Gray waited until Murdock was out of hearing then smiled at the ferocious frown on Maggie Bradford’s face. “Thank you for your concern, Maggie, my love, but I’m fine.”

“Are you?” She stepped closer to him and linked her arm through his. “The blood soaking through the back of your shirt suggests otherwise.”

“A scratch, I’m sure.”

Gray tried to make the words sound flippant but the truth was his back burned like bloody hell.

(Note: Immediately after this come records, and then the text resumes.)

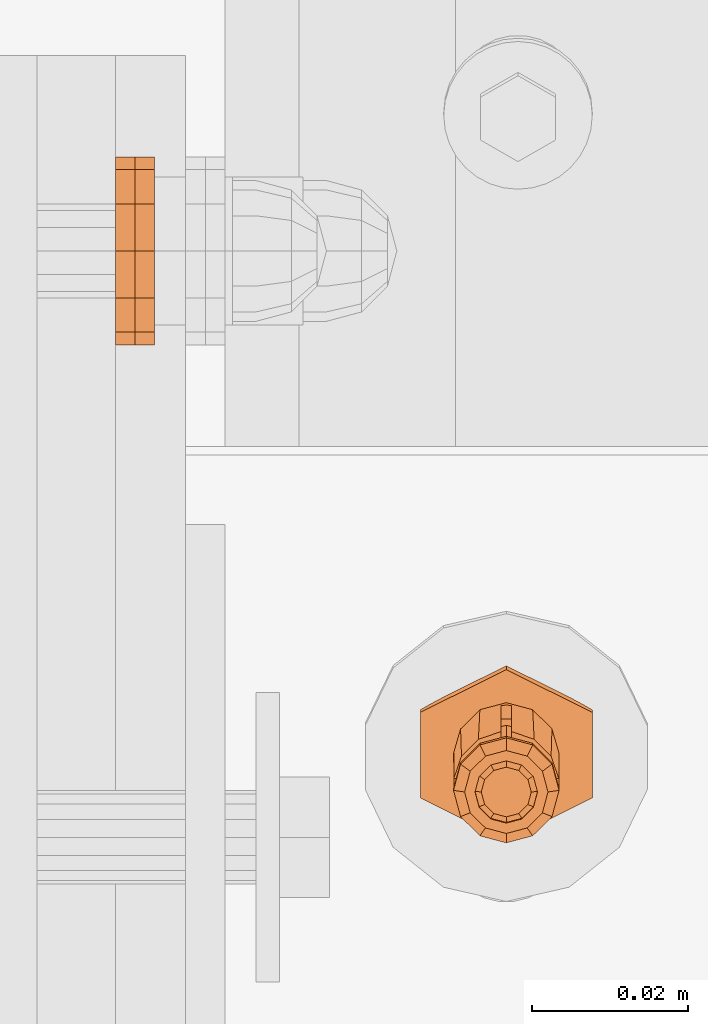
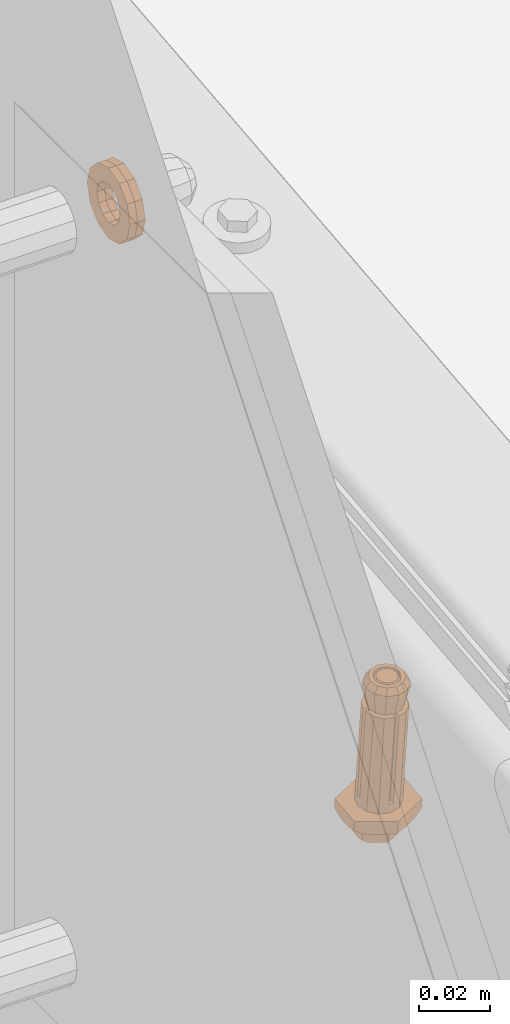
# One storey, part 107 of 162: 3 proxies.
"""IFC2X3 building model written with IfcOpenShell, lengths in millimetres."""

from ifc_helpers import new_model, entity, si_unit, converted_unit, origin_with_axes, place, context, project, spatial, faceted_brep, material, element, save


model = new_model("IFC2X3")

# Units and contexts
model_context = context("Model", 3, precision=1e-09, world=origin_with_axes())
ifc_project = project(units=[si_unit("LENGTHUNIT", "METRE", prefix="MILLI"), si_unit("AREAUNIT", "SQUARE_METRE"), si_unit("VOLUMEUNIT", "CUBIC_METRE"), converted_unit("PLANEANGLEUNIT", "DEGREE", entity("IfcPlaneAngleMeasure", 0.01745329), si_unit("PLANEANGLEUNIT", "RADIAN"), dimensions=[0, 0, 0, 0, 0, 0, 0])], contexts=[model_context])

# Site, building, storey
site_placement = place(None, origin_with_axes())
site = spatial("IfcSite", under=ifc_project, at=site_placement, Name="Hermannstra?e 1a, 60318 Frankfurt", CompositionType="ELEMENT")
building_placement = place(site_placement, origin_with_axes())
building = spatial("IfcBuilding", under=site, at=building_placement, Name="Struktur 1", CompositionType="ELEMENT")
storey_placement = place(building_placement, origin_with_axes())
storey = spatial("IfcBuildingStorey", under=building, at=storey_placement, Name="Default Storey", CompositionType="ELEMENT", Elevation=0.0)

# Proxies
ifc_material_1 = material(Name="S235JR")
proxy_1_placement = place(None, origin_with_axes())
element("IfcBuildingElementProxy", 1, at=proxy_1_placement, inside=storey, material=ifc_material_1, ObjectType="-", context=model_context, shape_type="Brep", body=[
    faceted_brep([(2589.309364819, 1858.221868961, 17347.870380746), (2589.309364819, 1857.509874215, 17346.991140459), (2591.309364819, 1858.042836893, 17347.047157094), (2590.909364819, 1858.648239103, 17347.915194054), (2592.773466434, 1859.498918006, 17347.200197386), (2592.080646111, 1859.813103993, 17348.037626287), (2587.709364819, 1864.160438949, 17348.494549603), (2586.538083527, 1862.995574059, 17348.37211737), (2586.109364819, 1861.404339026, 17348.204871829), (2586.538083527, 1859.813103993, 17348.037626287), (2587.709364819, 1858.648239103, 17347.915194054), (2592.509364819, 1861.404339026, 17348.204871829), (2592.080646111, 1862.995574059, 17348.37211737), (2590.909364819, 1864.160438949, 17348.494549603), (2589.309364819, 1864.586809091, 17348.539362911), (2587.309364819, 1858.042836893, 17347.047157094), (2593.309364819, 1861.487961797, 17347.409254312), (2589.309364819, 1861.983692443, 17304.425603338), (2591.309364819, 1862.51665512, 17304.481619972), (2587.309364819, 1862.51665512, 17304.481619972), (2585.845263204, 1859.498918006, 17347.200197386), (2592.773466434, 1863.972736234, 17304.634660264), (2591.309364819, 1864.933086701, 17347.771351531), (2589.309364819, 1865.466049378, 17347.827368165), (2592.773466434, 1863.477005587, 17347.618311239), (2585.309364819, 1861.487961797, 17347.409254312), (2585.845263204, 1863.477005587, 17347.618311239), (2587.309364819, 1864.933086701, 17347.771351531), (2585.845263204, 1863.972736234, 17304.634660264), (2593.309364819, 1865.961780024, 17304.843717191), (2591.809364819, 1861.655373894, 17304.391095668), (2593.639491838, 1863.475475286, 17304.582396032), (2594.309364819, 1865.961780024, 17304.843717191), (2593.639491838, 1868.448084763, 17305.105038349), (2591.809364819, 1870.268186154, 17305.296338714), (2589.309364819, 1870.934389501, 17305.366359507), (2586.809364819, 1870.268186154, 17305.296338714), (2584.9792378, 1868.448084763, 17305.105038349), (2584.309364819, 1865.961780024, 17304.843717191), (2584.9792378, 1863.475475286, 17304.582396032), (2586.809364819, 1861.655373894, 17304.391095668), (2589.309364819, 1860.989170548, 17304.321074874), (2585.309364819, 1865.961780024, 17304.843717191), (2585.845263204, 1867.950823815, 17305.052774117), (2587.309364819, 1869.406904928, 17305.205814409), (2589.309364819, 1869.939867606, 17305.261831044), (2591.309364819, 1869.406904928, 17305.205814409), (2592.773466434, 1867.950823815, 17305.052774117), (2589.984364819, 1860.86744627, 17305.917094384), (2588.634364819, 1860.86744627, 17305.917094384), (2585.096454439, 1859.771535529, 17337.97817447), (2586.616525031, 1858.259792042, 17337.819283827), (2589.984364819, 1857.522535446, 17337.741795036), (2592.002204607, 1858.259792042, 17337.819283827), (2593.5222752, 1859.771535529, 17337.97817447), (2589.534977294, 1860.8269898, 17305.912842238), (2589.083752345, 1860.8269898, 17305.912842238), (2588.634364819, 1857.522535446, 17337.741795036), (2584.355136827, 1861.778321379, 17338.189096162), (2584.355136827, 1865.123232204, 17306.364395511), (2592.877629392, 1856.751265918, 17337.660731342), (2595.039110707, 1858.900906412, 17337.886667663), (2596.02553002, 1861.778321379, 17338.189096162), (2594.263592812, 1861.778321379, 17338.189096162), (2589.984364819, 1855.770250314, 17337.557622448), (2594.263592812, 1865.123232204, 17306.364395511), (2589.984364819, 1859.115161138, 17305.732921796), (2588.634364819, 1859.115161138, 17305.732921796), (2589.084029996, 1859.085253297, 17305.729778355), (2589.534699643, 1859.085253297, 17305.729778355), (2594.263592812, 1866.465836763, 17306.505508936), (2584.355136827, 1866.465836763, 17306.505508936), (2588.634364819, 1855.770250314, 17337.557622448), (2583.579618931, 1858.900906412, 17337.886667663), (2585.741100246, 1856.751265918, 17337.660731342), (2582.593199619, 1861.778321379, 17338.189096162), (2584.314457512, 1865.570157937, 17306.411369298), (2584.314457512, 1866.018911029, 17306.458535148), (2594.304272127, 1865.570157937, 17306.411369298), (2589.984364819, 1870.721622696, 17306.952810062), (2594.304272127, 1866.018911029, 17306.458535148), (2593.5222752, 1865.127711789, 17338.54113128), (2592.002204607, 1866.639455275, 17338.700021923), (2594.263592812, 1863.120925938, 17338.330209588), (2584.355136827, 1863.120925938, 17338.330209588), (2586.616525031, 1866.639455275, 17338.700021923), (2585.096454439, 1865.127711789, 17338.54113128), (2588.634364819, 1867.376711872, 17338.777510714), (2588.634364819, 1870.721622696, 17306.952810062), (2589.309364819, 1859.404599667, 17302.655408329), (2582.593199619, 1865.123232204, 17306.364395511), (2582.593199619, 1866.465836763, 17306.505508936), (2582.563127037, 1866.018634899, 17306.458506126), (2582.563127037, 1865.570434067, 17306.41139832), (2592.684364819, 1860.303974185, 17302.7499364), (2596.055602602, 1866.018634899, 17306.458506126), (2596.02553002, 1866.465836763, 17306.505508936), (2596.02553002, 1865.123232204, 17306.364395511), (2596.055602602, 1865.570434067, 17306.41139832), (2589.534977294, 1870.762079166, 17306.957062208), (2589.984364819, 1867.376711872, 17338.777510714), (2596.02553002, 1863.120925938, 17338.330209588), (2582.593199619, 1863.120925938, 17338.330209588), (2585.741100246, 1868.147981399, 17338.858574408), (2583.579618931, 1865.998340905, 17338.632638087), (2588.634364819, 1869.128997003, 17338.961683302), (2589.083752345, 1870.762079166, 17306.957062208), (2585.934364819, 1860.303974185, 17302.7499364), (2583.463693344, 1862.761111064, 17303.008191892), (2595.155036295, 1862.761111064, 17303.008191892), (2589.084029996, 1872.503815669, 17307.140126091), (2588.634364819, 1872.473907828, 17307.136982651), (2589.984364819, 1872.473907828, 17307.136982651), (2589.534699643, 1872.503815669, 17307.140126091), (2589.984364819, 1869.128997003, 17338.961683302), (2596.059364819, 1866.117622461, 17303.360975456), (2595.039110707, 1865.998340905, 17338.632638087), (2592.877629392, 1868.147981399, 17338.858574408), (2582.559364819, 1866.117622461, 17303.360975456), (2589.309364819, 1855.177881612, 17302.21116236), (2600.309364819, 1860.647752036, 17302.786068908), (2600.309364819, 1871.587492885, 17303.935882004), (2589.309364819, 1877.05736331, 17304.510788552), (2578.309364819, 1871.587492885, 17303.935882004), (2578.309364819, 1860.647752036, 17302.786068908), (2583.463693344, 1869.474133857, 17303.713759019), (2585.934364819, 1871.931270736, 17303.972014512), (2589.309364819, 1872.830645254, 17304.066542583), (2592.684364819, 1871.931270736, 17303.972014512), (2595.155036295, 1869.474133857, 17303.713759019), (2599.169635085, 1860.503568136, 17298.70611969), (2600.309364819, 1862.273081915, 17299.114537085), (2600.309364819, 1860.970886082, 17299.711653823), (2599.326638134, 1860.789535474, 17298.725144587), (2597.861342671, 1859.904333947, 17298.149384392), (2589.309364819, 1855.644807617, 17297.768658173), (2594.982133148, 1858.506289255, 17297.678520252), (2600.309364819, 1870.761034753, 17300.006656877), (2600.309364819, 1871.910626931, 17300.861466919), (2600.309364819, 1863.682831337, 17298.86596157), (2600.309364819, 1866.584548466, 17298.918471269), (2600.309364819, 1869.433773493, 17299.470409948), (2598.435680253, 1861.367411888, 17298.148115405), (2580.757386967, 1859.904333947, 17298.149384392), (2583.636596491, 1858.506289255, 17297.678520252), (2578.309364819, 1860.970886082, 17299.711653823), (2579.449094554, 1860.503568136, 17298.70611969), (2589.309364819, 1856.127195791, 17297.5973465), (2578.309364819, 1862.273081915, 17299.114537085), (2578.309364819, 1870.761034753, 17300.006656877), (2578.309364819, 1869.433773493, 17299.470409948), (2578.309364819, 1866.584548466, 17298.918471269), (2578.309364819, 1863.682831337, 17298.86596157), (2578.309364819, 1871.910626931, 17300.861466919), (2599.847526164, 1866.607627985, 17298.698884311), (2599.169635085, 1872.576795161, 17299.975066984), (2599.326638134, 1872.293121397, 17299.934220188), (2597.406702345, 1861.981372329, 17297.990106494), (2589.309364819, 1857.331982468, 17297.501435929), (2579.292091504, 1860.789535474, 17298.725144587), (2597.861342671, 1873.278686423, 17299.555085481), (2594.982133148, 1874.744078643, 17299.385180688), (2589.309364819, 1877.524289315, 17300.068284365), (2598.435680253, 1871.847844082, 17299.249653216), (2593.984364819, 1858.577782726, 17297.632374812), (2598.659364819, 1866.630762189, 17298.47877706), (2580.183049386, 1861.367411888, 17298.148115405), (2579.292091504, 1872.293121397, 17299.934220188), (2579.449094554, 1872.576795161, 17299.975066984), (2583.636596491, 1874.744078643, 17299.385180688), (2580.757386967, 1873.278686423, 17299.555085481), (2597.406702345, 1871.28015205, 17298.967447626), (2584.634364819, 1858.577782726, 17297.632374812), (2581.212027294, 1861.981372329, 17297.990106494), (2579.959364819, 1866.630762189, 17298.47877706), (2581.212027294, 1871.28015205, 17298.967447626), (2584.634364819, 1874.683741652, 17299.325179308), (2589.309364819, 1875.929541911, 17299.456118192), (2593.984364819, 1874.683741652, 17299.325179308), (2595.809364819, 1863.398566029, 17298.139059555), (2595.809364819, 1869.862958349, 17298.818494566), (2589.309364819, 1873.095154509, 17299.158212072), (2582.809364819, 1869.862958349, 17298.818494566), (2582.809364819, 1863.398566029, 17298.139059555), (2589.309364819, 1860.166369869, 17297.799342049), (2595.135888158, 1863.679129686, 17292.248175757), (2595.809364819, 1864.724751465, 17292.489513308), (2595.809364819, 1863.955272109, 17292.842355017), (2589.309364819, 1860.808043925, 17291.694221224), (2592.661455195, 1862.498919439, 17291.640957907), (2594.362806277, 1863.325036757, 17291.919195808), (2578.771203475, 1866.607627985, 17298.698884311), (2580.183049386, 1871.847844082, 17299.249653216), (2595.809364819, 1868.956069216, 17292.699801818), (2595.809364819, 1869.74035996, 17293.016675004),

“Another…accident?” she said, looking down at the splintered ladder scattered on the ground.

“Your admirer is certainly intent on trying to get rid of me.”

The color drained from her face and Gray regretted the attempt he’d made to humor her.

“Are you able to walk?”
Thankfully, she recovered quickly.

Gray nodded.

“Good. We need to get you someplace where I can see how badly you’re hurt.”

Gray tried to stop his footsteps but she propelled him toward the side gate. “I can tend to it myself, Maggie,
my love.”

“Stop calling me that,
Mister
Delaney.” She walked even faster than before. “And there’s no way you can reach behind you to do anything worthwhile, so don’t pretend you can.”

They walked through the side entrance of Bradford Brewery and down the much-used cobblestone path that the brewery workers trod every morning on their way from their cottages to the brewery.

“How far is your cottage?” she asked when they reached the old wooden bridge that spanned the Rushbourne River.

“It’s at the end of this first lane,” Gray
replied. “If you’ll just see me to my door, Maggie, my lo— Miss Bradford, I’ll take over from there. I’ll send for the doctor if I think—”

“In the first place,” she said, marching him toward his cottage, “you won’t be able to evaluate whether or not a doctor is necessary. And secondly, Doctor Meechum is far too busy to take time to tend something I am more than qualified to handle.”

“Are you always so bossy?”

“Always,” she answered without missing a beat.

They reached his cottage far too quickly and Gray put his hand on the latch to open the door, then stopped. “You realize the risk you’re taking by coming here unescorted?”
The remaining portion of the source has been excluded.